# Definition of completely regular space.

A regular space is said to be completely regular space if for a closed set $A$ there exists a continuous function$$f: X \to [0,1]$$ such that$$f(A^c)=0, \quad f(A)=1.$$

Is this definition valid for completely regular space? If it is not correct then kindly state the correct one.

• – Angina Seng Apr 20 '18 at 4:43

A quantor over points not in $$A$$ is missing, and the space is not necessarily assumed to be regular:

A space $$X$$ is called completely regular iff

for all closed subsets $$A \subseteq X$$ and all $$x \notin A$$, there exists a continuous function $$f: X \to [0,1]$$ such that $$f(x) = 1$$ and $$f[A] \subseteq \{0\}$$.

We cannot ask for $$f[X\setminus A] = \{0\}$$! This would fail for almost all spaces, as it would imply that every closed $$A$$ is both closed and open.

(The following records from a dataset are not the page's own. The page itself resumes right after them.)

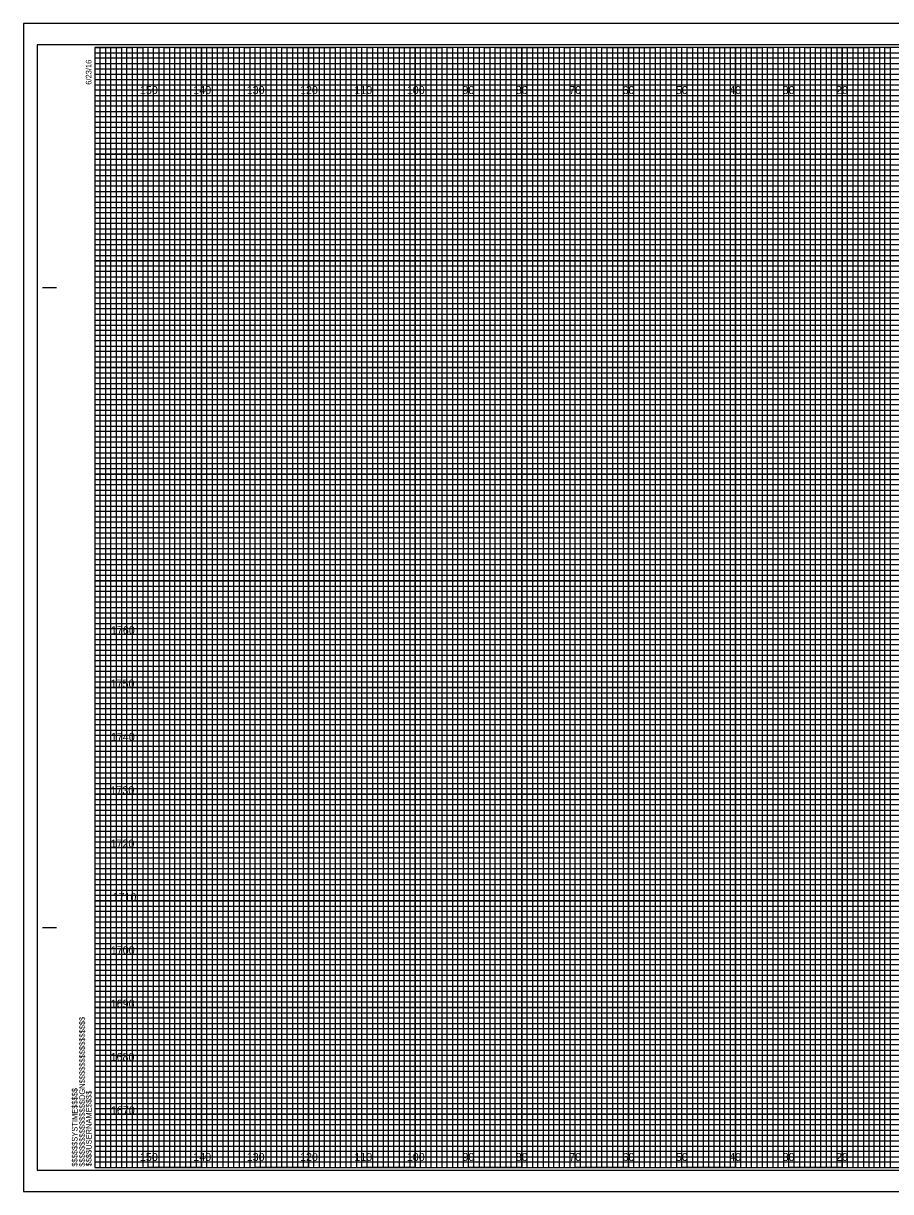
# Model space of a CAD drawing. Extents: x -419 to 4739, y -630 to 13534.
# Drawn here: x 1197.8 to 1360.3, y -20.4 to 198.6 of the extents above; entities that cross this region are included whole.
import ezdxf

# ---------------------------------------------------------------- set-up
doc = ezdxf.new("R2010")
doc.units = 0
for name, color, linetype in [('Old_Level_62', 7, 'Continuous'), ('Pattern 1', 7, 'Continuous'), ('Pattern 18', 7, 'Continuous'), ('Pattern 4', 7, 'Continuous'), ('Pattern 5', 7, 'Continuous'), ('Prop Dimension', 7, 'Continuous'), ('Prop Horizontal Alignment', 7, 'Continuous'), ('Raster_Level_0', 7, 'Continuous'), ('Scratch_Level_0', 7, 'Continuous'), ('Scratch_Level_3', 7, 'Continuous'), ('Scratch_Level_5', 7, 'Continuous')]:
    doc.layers.add(name, color=color, linetype=linetype)

msp = doc.modelspace()

# ---------------------------------------------------------------- linework, layer by layer
at = {"layer": 'Old_Level_62'}
for p, q in [((1201.42, 149.06), (1203.92, 149.06)), ((1201.52, 149.06), (1204.02, 149.06)), ((1201.42, 29.06), (1203.92, 29.06)), ((1201.52, 29.06), (1204.02, 29.06)), ((1211.22, -15.94), (1211.22, -15.94)), ((1211.22, -15.94), (1211.22, -15.94)), ((1211.22, -15.94), (1211.22, -15.94)), ((1211.22, -15.94), (1211.22, -15.94)), ((1211.22, -15.94), (1211.22, -15.94)), ((1211.22, -15.94), (1211.22, -15.94)), ((1211.22, -15.94), (1211.22, -15.94))]:
    msp.add_line(p, q, dxfattribs=at)
msp.add_lwpolyline([(1531.22, 194.06), (1211.22, 194.06), (1211.22, -15.94), (1531.22, -15.94)], close=True, dxfattribs=at)
at = {"layer": 'Pattern 18'}
msp.add_lwpolyline([(1197.82, -20.44), (1534.52, -20.44), (1534.52, 198.56), (1197.82, 198.56)], close=True, dxfattribs=at)
at = {"layer": 'Pattern 4'}
for p, q in [((1211.22, 193.06), (1471.22, 193.06)), ((1471.22, 192.04), (1211.22, 192.04)), ((1211.22, 192.04), (1211.22, 191.06)), ((1211.22, 191.06), (1471.22, 191.06)), ((1471.22, 189.95), (1211.22, 189.95)), ((1211.22, 189.95), (1211.22, 188.06)), ((1211.22, 188.06), (1531.22, 188.06))]:
    msp.add_line(p, q, dxfattribs=at)
for points in [[(1211.22, 187.06), (1481.22, 187.06), (1531.22, 187.06), (1531.22, 186.06), (1211.22, 186.06)], [(1211.22, 185.06), (1531.22, 185.06), (1531.22, 183.06), (1211.22, 183.06)], [(1211.22, 182.06), (1531.22, 182.06), (1531.22, 181.06), (1211.22, 181.04)], [(1211.22, 180.06), (1531.22, 180.06), (1531.22, 178.06), (1211.22, 178.06)], [(1211.22, 177.06), (1531.22, 177.06), (1531.22, 176.06), (1211.22, 176.06)], [(1211.22, 175.06), (1531.22, 175.06), (1531.22, 173.06), (1211.22, 173.06)], [(1211.22, 172.06), (1531.22, 172.06), (1531.22, 171.06), (1211.22, 171.06)], [(1211.22, 170.06), (1531.22, 170.06), (1531.22, 168.06), (1211.22, 168.06)], [(1211.22, 167.06), (1531.22, 167.06), (1531.22, 166.06), (1211.22, 166.06)], [(1211.22, 165.06), (1531.22, 165.06), (1531.22, 163.06), (1211.22, 163.06)], [(1211.22, 162.06), (1531.22, 162.06), (1531.22, 161.06), (1211.22, 161.06)], [(1211.22, 160.06), (1531.22, 160.06), (1531.22, 158.01), (1531.22, 157.06), (1531.22, 156.06), (1211.22, 156.06)], [(1211.22, 158.06), (1531.22, 158.06), (1531.22, 157.06), (1211.22, 157.06)], [(1211.22, 155.06), (1531.22, 155.06), (1531.22, 153.06), (1211.22, 153.09)], [(1211.22, 153.09), (1531.22, 153.06), (1531.22, 152.06), (1211.22, 152.06)], [(1211.22, 151.06), (1531.22, 151.06), (1531.22, 150.06), (1211.22, 150.06)], [(1211.22, 148.06), (1531.22, 148.06), (1531.22, 147.06), (1211.22, 147.06)], [(1211.22, 146.06), (1531.22, 146.06), (1531.22, 145.06), (1211.22, 145.06)], [(1211.15, 142.95), (1531.22, 142.95), (1531.22, 141.94), (1211.15, 141.94)], [(1211.22, 141.06), (1531.22, 141.06), (1531.22, 140.06), (1211.22, 140.06)], [(1211.22, 138.06), (1531.22, 138.06), (1531.22, 137.06), (1211.22, 137.06)], [(1211.22, 136.06), (1531.22, 136.06), (1531.22, 135.06), (1211.22, 135.06)], [(1211.22, 133.06), (1531.22, 133.06), (1531.22, 132.06), (1211.22, 132.06)], [(1211.22, 131.06), (1531.22, 131.06), (1531.22, 130.06), (1211.22, 130.06)], [(1211.22, 128.06), (1531.22, 128.06), (1531.22, 127.06), (1211.22, 127.06)], [(1211.22, 126.06), (1531.22, 126.06), (1531.22, 125.06), (1211.22, 125.06)], [(1211.22, 123.06), (1531.22, 123.06), (1531.21, 122.04), (1211.22, 122.06)], [(1211.22, 121.06), (1531.22, 121.06), (1531.22, 120.06), (1211.22, 120.06)], [(1211.22, 118.06), (1531.22, 118.06), (1531.22, 117.06), (1211.22, 117.06)], [(1211.22, 116.06), (1531.22, 116.06), (1531.22, 115.06), (1211.22, 115.06)], [(1211.22, 113.06), (1531.22, 113.06), (1531.22, 112.06), (1211.22, 112.06)], [(1211.22, 111.06), (1531.22, 111.06), (1531.22, 110.06), (1211.22, 110.06)], [(1211.22, 108.06), (1531.22, 108.06), (1531.22, 107.06), (1211.22, 107.06)], [(1211.22, 106.06), (1531.22, 106.06), (1531.22, 105.06), (1211.22, 105.06)], [(1211.22, 103.06), (1531.22, 103.06), (1531.22, 102.06), (1211.22, 102.06)], [(1211.22, 101.05), (1531.29, 100.97), (1531.22, 100.06), (1211.22, 100.06)], [(1211.22, 98.06), (1531.22, 98.06), (1531.22, 97.06), (1211.22, 97.06)], [(1211.22, 96.06), (1531.22, 96.06), (1531.22, 95.06), (1211.22, 95.06)], [(1211.22, 93.06), (1531.22, 93.06), (1531.22, 92.06), (1211.22, 92.06)], [(1211.22, 91.06), (1531.22, 91.06), (1531.22, 90.06), (1211.22, 90.06)], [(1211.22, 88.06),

A completely regular space is automatically regular (we can separate points and closed sets). We often assume $$X$$ is $$T_1$$ (points are closed) as well, and then the property can be denoted $$T_{3\frac12}$$. So if regular in your book implies points are closed, then demand that too for completely regular.

No. The definition is that for every closed set $A$ and point $x\notin A$, there is a continuous $f$ from $A$ to $[0,1]$ with $f(x)=0$ and $f(A)=1$.

What you give is the definition of a space in which every closed set is also an open set....i.e., a space in which each connected component is open and inherits the trivial (indiscrete) topology.